◆ **Work to be completed**
Below are the records. Retype exactly the lines between the lines holding "#7638 = CARTESIAN_POINT" and "#12103 = CARTESIAN_POINT", inclusive.
*** Provided records ***
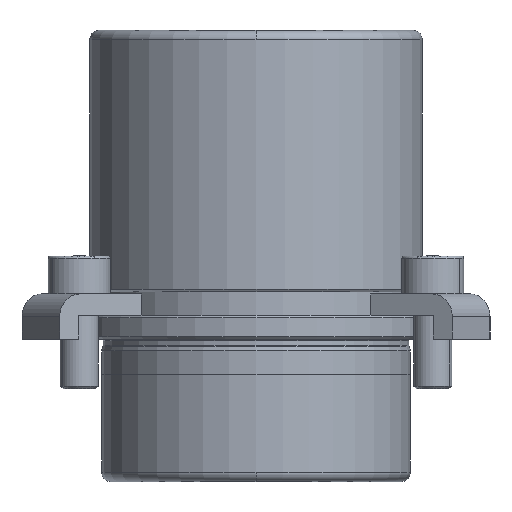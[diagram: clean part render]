
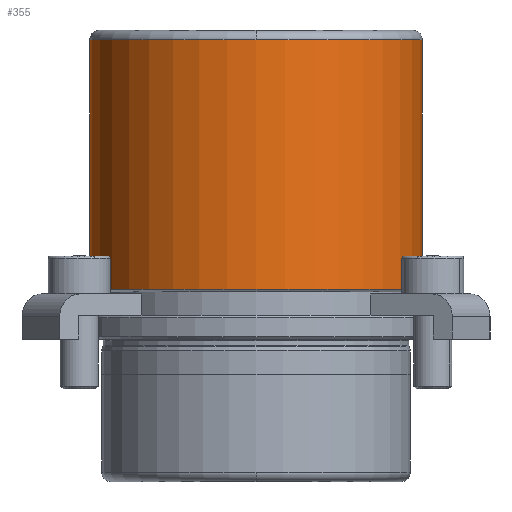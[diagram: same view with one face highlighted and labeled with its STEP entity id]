
A CAD part, front view. The second image highlights one B-rep face of the part: STEP entity #355.
In plain terms, the highlighted cylindrical face has radius 35 mm (diameter 70 mm), a partial arc.
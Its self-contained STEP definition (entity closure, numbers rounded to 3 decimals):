
#269=CARTESIAN_POINT('',(0.0,-35.,63.0));
#270=VERTEX_POINT('',#269);
#296=CARTESIAN_POINT('',(-35.0,0.,63.0));
#297=VERTEX_POINT('',#296);
#305=CARTESIAN_POINT('',(0.0,0.,63.0));
#306=DIRECTION('',(0.0,0.0,1.0));
#307=DIRECTION('',(1.0,0.0,0.0));
#308=AXIS2_PLACEMENT_3D('',#305,#306,#307);
#309=CIRCLE('',#308,35.0);
#310=EDGE_CURVE('',#297,#270,#309,.T.);
#315=CARTESIAN_POINT('',(0.0,0.,36.75));
#316=DIRECTION('',(0.0,0.,1.0));
#317=DIRECTION('',(1.0,0.0,0.0));
#318=AXIS2_PLACEMENT_3D('',#315,#316,#317);
#319=CYLINDRICAL_SURFACE('',#318,35.0);
#320=CARTESIAN_POINT('',(35.0,0.,63.0));
#321=VERTEX_POINT('',#320);
#322=CARTESIAN_POINT('',(35.0,0.,10.5));
#323=VERTEX_POINT('',#322);
#324=CARTESIAN_POINT('',(35.0,0.,63.0));
#325=DIRECTION('',(0.0,0.0,-1.0));
#326=VECTOR('',#325,52.5);
#327=LINE('',#324,#326);
#328=EDGE_CURVE('',#321,#323,#327,.T.);
#329=ORIENTED_EDGE('',*,*,#328,.F.);
#330=CARTESIAN_POINT('',(0.0,0.,63.0));
#331=DIRECTION('',(0.0,0.0,1.0));
#332=DIRECTION('',(1.0,0.0,0.0));
#333=AXIS2_PLACEMENT_3D('',#330,#331,#332);
#334=CIRCLE('',#333,35.0);
#335=EDGE_CURVE('',#270,#321,#334,.T.);
#336=ORIENTED_EDGE('',*,*,#335,.F.);
#337=ORIENTED_EDGE('',*,*,#310,.F.);
#338=CARTESIAN_POINT('',(-35.0,0.,10.5));
#339=VERTEX_POINT('',#338);
#340=CARTESIAN_POINT('',(-35.0,0.,63.0));
#341=DIRECTION('',(0.0,0.0,-1.0));
#342=VECTOR('',#341,52.5);
#343=LINE('',#340,#342);
#344=EDGE_CURVE('',#297,#339,#343,.T.);
#345=ORIENTED_EDGE('',*,*,#344,.T.);
#346=CARTESIAN_POINT('',(0.0,0.,10.5));
#347=DIRECTION('',(0.0,0.0,1.0));
#348=DIRECTION('',(1.0,0.0,0.0));
#349=AXIS2_PLACEMENT_3D('',#346,#347,#348);
#350=CIRCLE('',#349,35.0);
#351=EDGE_CURVE('',#339,#323,#350,.T.);
#352=ORIENTED_EDGE('',*,*,#351,.T.);
#353=EDGE_LOOP('',(#329,#336,#337,#345,#352));
#354=FACE_OUTER_BOUND('',#353,.T.);
#355=ADVANCED_FACE('',(#354),#319,.T.);
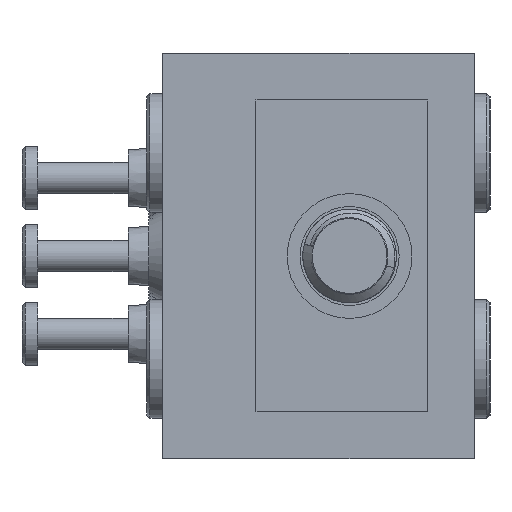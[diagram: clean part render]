
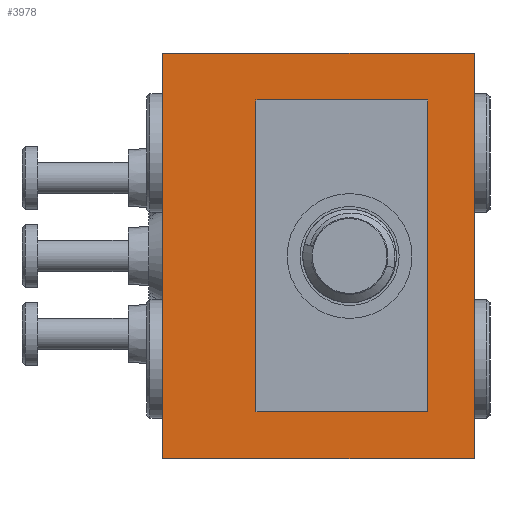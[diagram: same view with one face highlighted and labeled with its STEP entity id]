
A CAD part, left-side view. The second image highlights one B-rep face of the part: STEP entity #3978.
In plain terms, the highlighted planar face has unit normal (-1, 0, 0).
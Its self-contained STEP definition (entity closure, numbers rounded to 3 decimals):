
#75 = ORIENTED_EDGE ( 'NONE', *, *, #6332, .F. ) ;
#211 = CARTESIAN_POINT ( 'NONE',  ( -38., 2., -5. ) ) ;
#331 = DIRECTION ( 'NONE',  ( 0., 0., -1. ) ) ;
#722 = FACE_OUTER_BOUND ( 'NONE', #3434, .T. ) ;
#977 = EDGE_CURVE ( 'NONE', #2389, #12759, #8611, .T. ) ;
#1014 = CARTESIAN_POINT ( 'NONE',  ( -38., 2., 5. ) ) ;
#1118 = EDGE_CURVE ( 'NONE', #12200, #10295, #7682, .T. ) ;
#1453 = CARTESIAN_POINT ( 'NONE',  ( -38., 2., -5. ) ) ;
#2034 = ORIENTED_EDGE ( 'NONE', *, *, #9048, .F. ) ;
#2164 = ORIENTED_EDGE ( 'NONE', *, *, #1118, .T. ) ;
#2208 = EDGE_LOOP ( 'NONE', ( #2034, #75, #5584, #2791 ) ) ;
#2363 = EDGE_CURVE ( 'NONE', #12200, #16368, #12003, .T. ) ;
#2389 = VERTEX_POINT ( 'NONE', #12103 ) ;
#2569 = VECTOR ( 'NONE', #9668, 1000. ) ;
#2791 = ORIENTED_EDGE ( 'NONE', *, *, #9280, .F. ) ;
#3099 = VERTEX_POINT ( 'NONE', #18651 ) ;
#3434 = EDGE_LOOP ( 'NONE', ( #8151, #5961, #10633, #2164 ) ) ;
#3775 = VECTOR ( 'NONE', #16300, 1000. ) ;
#3924 = LINE ( 'NONE', #11660, #7389 ) ;
#3947 = VERTEX_POINT ( 'NONE', #17915 ) ;
#3978 = ADVANCED_FACE ( 'NONE', ( #8998, #722 ), #4673, .F. ) ;
#4673 = PLANE ( 'NONE',  #15532 ) ;
#4683 = VECTOR ( 'NONE', #7707, 1000. ) ;
#5584 = ORIENTED_EDGE ( 'NONE', *, *, #977, .F. ) ;
#5961 = ORIENTED_EDGE ( 'NONE', *, *, #9414, .F. ) ;
#6332 = EDGE_CURVE ( 'NONE', #12759, #18424, #17881, .T. ) ;
#6530 = DIRECTION ( 'NONE',  ( 0., 0., 1. ) ) ;
#7133 = CARTESIAN_POINT ( 'NONE',  ( -38., 5., 6.5 ) ) ;
#7167 = VECTOR ( 'NONE', #6530, 1000. ) ;
#7389 = VECTOR ( 'NONE', #18939, 1000. ) ;
#7638 = CARTESIAN_POINT ( 'NONE',  ( -38., 5., 6.5 ) ) ;
#7682 = LINE ( 'NONE', #18373, #3775 ) ;
#7707 = DIRECTION ( 'NONE',  ( 0., 0., -1. ) ) ;
#8151 = ORIENTED_EDGE ( 'NONE', *, *, #8800, .T. ) ;
#8611 = LINE ( 'NONE', #1453, #4683 ) ;
#8776 = VECTOR ( 'NONE', #11292, 1000. ) ;
#8800 = EDGE_CURVE ( 'NONE', #10295, #3099, #10398, .T. ) ;
#8998 = FACE_BOUND ( 'NONE', #2208, .T. ) ;
#9043 = CARTESIAN_POINT ( 'NONE',  ( -38., -5., 6.5 ) ) ;
#9048 = EDGE_CURVE ( 'NONE', #18424, #3947, #11076, .T. ) ;
#9130 = DIRECTION ( 'NONE',  ( 1., 0., 0. ) ) ;
#9248 = DIRECTION ( 'NONE',  ( 0., -1., 0. ) ) ;
#9280 = EDGE_CURVE ( 'NONE', #3947, #2389, #18031, .T. ) ;
#9414 = EDGE_CURVE ( 'NONE', #16368, #3099, #3924, .T. ) ;
#9668 = DIRECTION ( 'NONE',  ( 0., -1., 0. ) ) ;
#10295 = VERTEX_POINT ( 'NONE', #19079 ) ;
#10398 = LINE ( 'NONE', #14067, #2569 ) ;
#10633 = ORIENTED_EDGE ( 'NONE', *, *, #2363, .F. ) ;
#11076 = LINE ( 'NONE', #16817, #7167 ) ;
#11292 = DIRECTION ( 'NONE',  ( 0., 1., 0. ) ) ;
#11660 = CARTESIAN_POINT ( 'NONE',  ( -38., -5., 6.5 ) ) ;
#12003 = LINE ( 'NONE', #7133, #15989 ) ;
#12103 = CARTESIAN_POINT ( 'NONE',  ( -38., 2., 5. ) ) ;
#12200 = VERTEX_POINT ( 'NONE', #13167 ) ;
#12759 = VERTEX_POINT ( 'NONE', #16218 ) ;
#13167 = CARTESIAN_POINT ( 'NONE',  ( -38., 5., 6.5 ) ) ;
#13458 = VECTOR ( 'NONE', #16379, 1000. ) ;
#14067 = CARTESIAN_POINT ( 'NONE',  ( -38., 5., -6.5 ) ) ;
#14821 = CARTESIAN_POINT ( 'NONE',  ( -38., -3.5, -5. ) ) ;
#15532 = AXIS2_PLACEMENT_3D ( 'NONE', #7638, #9130, #331 ) ;
#15989 = VECTOR ( 'NONE', #9248, 1000. ) ;
#16218 = CARTESIAN_POINT ( 'NONE',  ( -38., 2., -5. ) ) ;
#16300 = DIRECTION ( 'NONE',  ( 0., 0., -1. ) ) ;
#16368 = VERTEX_POINT ( 'NONE', #9043 ) ;
#16379 = DIRECTION ( 'NONE',  ( 0., -1., 0. ) ) ;
#16817 = CARTESIAN_POINT ( 'NONE',  ( -38., -3.5, -5. ) ) ;
#17881 = LINE ( 'NONE', #211, #13458 ) ;
#17915 = CARTESIAN_POINT ( 'NONE',  ( -38., -3.5, 5. ) ) ;
#18031 = LINE ( 'NONE', #1014, #8776 ) ;
#18373 = CARTESIAN_POINT ( 'NONE',  ( -38., 5., 6.5 ) ) ;
#18424 = VERTEX_POINT ( 'NONE', #14821 ) ;
#18651 = CARTESIAN_POINT ( 'NONE',  ( -38., -5., -6.5 ) ) ;
#18939 = DIRECTION ( 'NONE',  ( 0., 0., -1. ) ) ;
#19079 = CARTESIAN_POINT ( 'NONE',  ( -38., 5., -6.5 ) ) ;
*** End of Provided records ***
◆ **Your solution**
#7638 = CARTESIAN_POINT ( 'NONE',  ( -38., 5., 6.5 ) ) ;
#7682 = LINE ( 'NONE', #18373, #3775 ) ;
#7707 = DIRECTION ( 'NONE',  ( 0., 0., -1. ) ) ;
#8151 = ORIENTED_EDGE ( 'NONE', *, *, #8800, .T. ) ;
#8611 = LINE ( 'NONE', #1453, #4683 ) ;
#8776 = VECTOR ( 'NONE', #11292, 1000. ) ;
#8800 = EDGE_CURVE ( 'NONE', #10295, #3099, #10398, .T. ) ;
#8998 = FACE_BOUND ( 'NONE', #2208, .T. ) ;
#9043 = CARTESIAN_POINT ( 'NONE',  ( -38., -5., 6.5 ) ) ;
#9048 = EDGE_CURVE ( 'NONE', #18424, #3947, #11076, .T. ) ;
#9130 = DIRECTION ( 'NONE',  ( 1., 0., 0. ) ) ;
#9248 = DIRECTION ( 'NONE',  ( 0., -1., 0. ) ) ;
#9280 = EDGE_CURVE ( 'NONE', #3947, #2389, #18031, .T. ) ;
#9414 = EDGE_CURVE ( 'NONE', #16368, #3099, #3924, .T. ) ;
#9668 = DIRECTION ( 'NONE',  ( 0., -1., 0. ) ) ;
#10295 = VERTEX_POINT ( 'NONE', #19079 ) ;
#10398 = LINE ( 'NONE', #14067, #2569 ) ;
#10633 = ORIENTED_EDGE ( 'NONE', *, *, #2363, .F. ) ;
#11076 = LINE ( 'NONE', #16817, #7167 ) ;
#11292 = DIRECTION ( 'NONE',  ( 0., 1., 0. ) ) ;
#11660 = CARTESIAN_POINT ( 'NONE',  ( -38., -5., 6.5 ) ) ;
#12003 = LINE ( 'NONE', #7133, #15989 ) ;
#12103 = CARTESIAN_POINT ( 'NONE',  ( -38., 2., 5. ) ) ;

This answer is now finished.